Friday, May 02, 2008


It is a season of celebration and we have much to celebrate. One year ago I was given the gift of my daughter, after not a small amount of effort and labour. This season we celebrate another birthday much more significant than Naomi’s. Words from our new songbook Sing the Story speak this invocation: “Come, Holy Spirit. lamplighter, midwife of change, comforter, disturber, inspirer, and advocate.” God’s spirit midwifed the church into being that day. And though the Spirit Midwife gave the amazing gifts of comfort, inspiration and advocacy, she also accompanied change, pain and a labour into a new life in Christ.

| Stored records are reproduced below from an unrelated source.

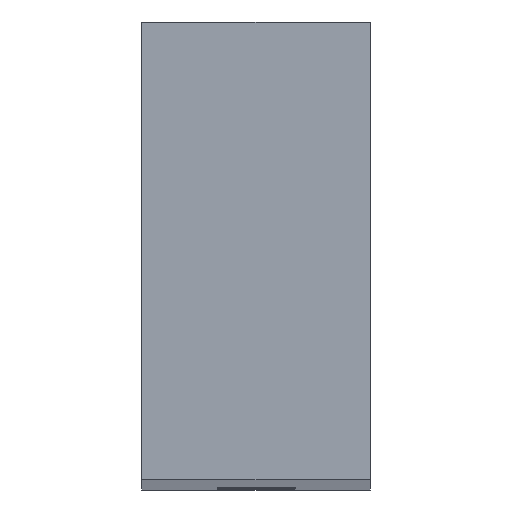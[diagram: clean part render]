
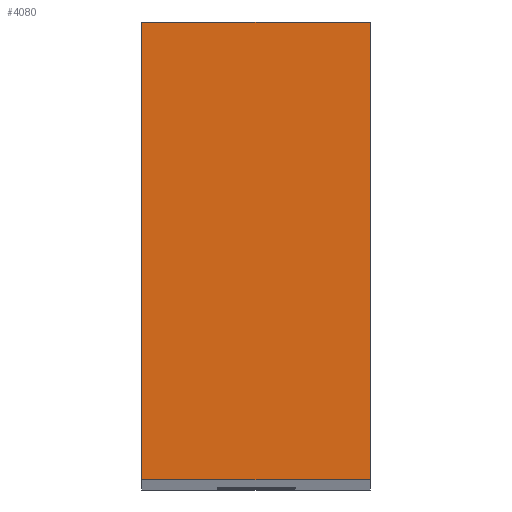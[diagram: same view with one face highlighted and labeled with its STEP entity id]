
A CAD part, top view. The second image highlights one B-rep face of the part: STEP entity #4080.
In plain terms, the highlighted planar face has unit normal (0, 0, 1).
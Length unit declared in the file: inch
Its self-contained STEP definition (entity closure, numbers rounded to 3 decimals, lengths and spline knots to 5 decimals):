
#42 = EDGE_CURVE ( 'NONE', #1361, #671, #5623, .T. ) ;
#77 = CARTESIAN_POINT ( 'NONE',  ( 9.9503, -7.82283, 11.41732 ) ) ;
#227 = CARTESIAN_POINT ( 'NONE',  ( 10.2628, -7.29232, 11.41732 ) ) ;
#275 = CARTESIAN_POINT ( 'NONE',  ( 9.9503, -7.29232, 11.41732 ) ) ;
#574 = EDGE_CURVE ( 'NONE', #671, #6802, #2513, .T. ) ;
#645 = VECTOR ( 'NONE', #4706, 39.37008 ) ;
#671 = VERTEX_POINT ( 'NONE', #275 ) ;
#985 = EDGE_LOOP ( 'NONE', ( #4371, #2943, #1681, #3238 ) ) ;
#1013 = CARTESIAN_POINT ( 'NONE',  ( 10.01969, -7.82283, 11.41732 ) ) ;
#1361 = VERTEX_POINT ( 'NONE', #1659 ) ;
#1504 = VECTOR ( 'NONE', #3756, 39.37008 ) ;
#1596 = VECTOR ( 'NONE', #4849, 39.37008 ) ;
#1626 = CARTESIAN_POINT ( 'NONE',  ( 9.9503, -6.54232, 11.41732 ) ) ;
#1659 = CARTESIAN_POINT ( 'NONE',  ( 10.3253, -7.29232, 11.41732 ) ) ;
#1681 = ORIENTED_EDGE ( 'NONE', *, *, #7055, .F. ) ;
#2102 = CARTESIAN_POINT ( 'NONE',  ( 10.01969, -6.54232, 11.41732 ) ) ;
#2513 = LINE ( 'NONE', #77, #1596 ) ;
#2848 = VECTOR ( 'NONE', #7433, 39.37008 ) ;
#2939 = DIRECTION ( 'NONE',  ( -1., 0., 0. ) ) ;
#2943 = ORIENTED_EDGE ( 'NONE', *, *, #42, .F. ) ;
#3238 = ORIENTED_EDGE ( 'NONE', *, *, #5706, .F. ) ;
#3594 = CARTESIAN_POINT ( 'NONE',  ( 10.3253, -6.54232, 11.41732 ) ) ;
#3756 = DIRECTION ( 'NONE',  ( 1., 0., 0. ) ) ;
#4080 = ADVANCED_FACE ( 'NONE', ( #4633 ), #6440, .F. ) ;
#4371 = ORIENTED_EDGE ( 'NONE', *, *, #574, .F. ) ;
#4595 = DIRECTION ( 'NONE',  ( 0., 0., -1. ) ) ;
#4633 = FACE_OUTER_BOUND ( 'NONE', #985, .T. ) ;
#4706 = DIRECTION ( 'NONE',  ( 0., -1., 0. ) ) ;
#4849 = DIRECTION ( 'NONE',  ( 0., 1., 0. ) ) ;
#4987 = AXIS2_PLACEMENT_3D ( 'NONE', #1013, #4595, #2939 ) ;
#5102 = LINE ( 'NONE', #5660, #645 ) ;
#5407 = VERTEX_POINT ( 'NONE', #3594 ) ;
#5623 = LINE ( 'NONE', #227, #2848 ) ;
#5660 = CARTESIAN_POINT ( 'NONE',  ( 10.3253, -6.79232, 11.41732 ) ) ;
#5706 = EDGE_CURVE ( 'NONE', #6802, #5407, #6868, .T. ) ;
#6440 = PLANE ( 'NONE',  #4987 ) ;
#6802 = VERTEX_POINT ( 'NONE', #1626 ) ;
#6868 = LINE ( 'NONE', #2102, #1504 ) ;
#7055 = EDGE_CURVE ( 'NONE', #5407, #1361, #5102, .T. ) ;
#7433 = DIRECTION ( 'NONE',  ( -1., 0., 0. ) ) ;

I am learning as a parent that labour does not end in the birthing room and that it is mingled with love, great joy and celebration in one’s relationship with a child. As a child myself I know well that one’s relationship with parents too is often full of both joy and difficulty. We are children of the One who sent the Spirit to birth the church into being and we continue to struggle along with each other and in our growing relationship with God our parent. We need to continue to invite the Spirit to be present in this struggle. Because though we experience the pain, the unease with the new, She will always be our comforter, our advocate and inspirer.

As the same prayer quoted above continues we must invite the Spirit to come, “fill the church with the gifts [we] can neither produce nor afford.” We need the gifts that the Spirit Midwife has to offer. Today our children will invite us to identify one of these gifts that we feel an affinity with for this day or this season. But the Spirit’s gifts are many and she offers in abundance even as she both identifies and moves with us through the struggle.

Thematically unrelated, I found a poem about Pentecost that I like quite a bit...


In the upper room
Pentecostal wind
swirled like a tornado of grace
and fiery tongues
burned language into stutterers.
   O Spirit,
stir our passion again!
Light wildfires
and spin them past
our tame intentions.
   Huff and puff till you blow down
the shutters we hide in,
scarred by earlier zests,
more cowardly and cynical
than once upon a time
   when we inhaled your fire
and gulped your windstorms
like tap water
and laughed at those
who counseled
--Sr. Patricia Schnapp, RSM Adrian, Mich.